Posted on:2009-06-25Degree:Ph.DType:Dissertation
University:Indiana UniversityCandidate:Rasmussen, Bryan BFull Text:PDF
GTID:1447390002996351Subject:Literature
Abstract/Summary:
The Serpent and the Dove explores the role of religion---in particular women's evangelical spirituality---in shaping a critical response to the emerging social sciences in a secularizing British society. In analyzing the intersection of women's social work and their spiritual self-writing, my argument revises the dominant narrative in Victorian scholarship, which understands the rise of secular, professional social science as the chief source authorizing women's social work. In the rhetoric of conversion---in the narrative of the self's progress from spiritual crisis to salvation---women found a model of selfhood that allowed them not only to engage in work outside the home, but to reclaim "the social" for moral and religious ends.

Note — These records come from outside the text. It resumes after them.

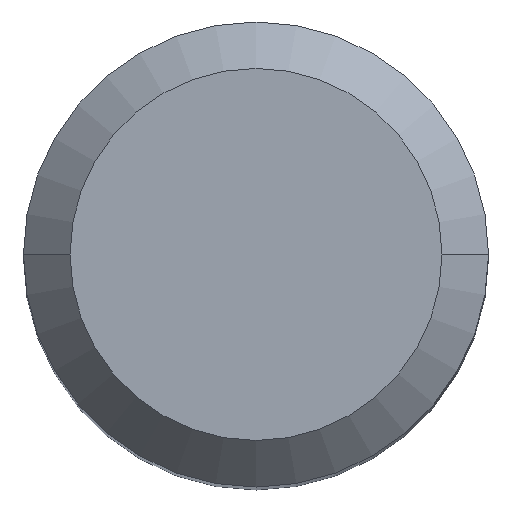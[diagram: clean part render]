
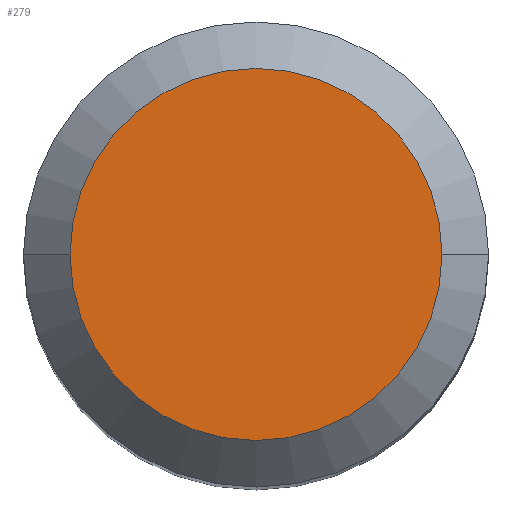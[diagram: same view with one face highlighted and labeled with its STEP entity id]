
A CAD part, top view. The second image highlights one B-rep face of the part: STEP entity #279.
In plain terms, the highlighted planar face has unit normal (0, 0, 1).
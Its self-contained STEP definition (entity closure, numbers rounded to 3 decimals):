
#13 = EDGE_LOOP ( 'NONE', ( #393, #614 ) ) ;
#85 = AXIS2_PLACEMENT_3D ( 'NONE', #216, #400, #598 ) ;
#115 = EDGE_CURVE ( 'NONE', #382, #368, #299, .T. ) ;
#134 = AXIS2_PLACEMENT_3D ( 'NONE', #202, #388, #585 ) ;
#141 = PLANE ( 'NONE',  #243 ) ;
#202 = CARTESIAN_POINT ( 'NONE',  ( 0., 0., 0. ) ) ;
#216 = CARTESIAN_POINT ( 'NONE',  ( 0., 0., 0. ) ) ;
#231 = CIRCLE ( 'NONE', #134, 4.8 ) ;
#238 = DIRECTION ( 'NONE',  ( 1., 0., 0. ) ) ;
#243 = AXIS2_PLACEMENT_3D ( 'NONE', #248, #339, #238 ) ;
#248 = CARTESIAN_POINT ( 'NONE',  ( 0., 4.8, 0. ) ) ;
#279 = ADVANCED_FACE ( 'NONE', ( #583 ), #141, .T. ) ;
#299 = CIRCLE ( 'NONE', #85, 4.8 ) ;
#339 = DIRECTION ( 'NONE',  ( 0., 0., 1. ) ) ;
#368 = VERTEX_POINT ( 'NONE', #420 ) ;
#382 = VERTEX_POINT ( 'NONE', #624 ) ;
#388 = DIRECTION ( 'NONE',  ( 0., 0., -1. ) ) ;
#393 = ORIENTED_EDGE ( 'NONE', *, *, #601, .F. ) ;
#400 = DIRECTION ( 'NONE',  ( 0., 0., -1. ) ) ;
#420 = CARTESIAN_POINT ( 'NONE',  ( -4.8, 0., 0. ) ) ;
#583 = FACE_OUTER_BOUND ( 'NONE', #13, .T. ) ;
#585 = DIRECTION ( 'NONE',  ( -1., 0., 0. ) ) ;
#598 = DIRECTION ( 'NONE',  ( -1., 0., 0. ) ) ;
#601 = EDGE_CURVE ( 'NONE', #368, #382, #231, .T. ) ;
#614 = ORIENTED_EDGE ( 'NONE', *, *, #115, .F. ) ;
#624 = CARTESIAN_POINT ( 'NONE',  ( 4.8, 0., 0. ) ) ;

I see women social reform writers---prison visitors, urban missionaries, proto-sociologists, industrial novelists---not as handmaidens to professional social science, but as exponents of a distinctive model of cultural inquiry. This model, which I call spiritual autoethnography, became exemplary for women fieldworkers during and beyond the nineteenth century.;The lack of a critical language to describe religion's role in the formation of nineteenth-century social sciences requires me to look outside the period for comparable discursive models. I look in particular to the recent impulse in feminist cultural theory, sociology, and ethnography that has revisited the potential of forms of selfhood for ethical critique of the social sciences. These radically divergent perspectives---nineteenth-century evangelicalism and postmodern social science---merge at the level of a shared desire to re-situate the sociological observing self as participant not just in culture, but in the process of cultural formation. The women in my analysis---Elizabeth Fry, Charlotte Tonna, Elizabeth Gaskell, Ellen Ranyard, and Harriet Martineau---anticipate the postmodern ethical critique by turning the spiritual self into the chief condition of cultural knowledge. Spiritual autoethnography is my term for a self-reflective practice of social inquiry that challenges the traditional narrative of disciplinary specialization and professionalization, and which reveals the extent to which religion plays an integral role in the formation of seemingly secular disciplines.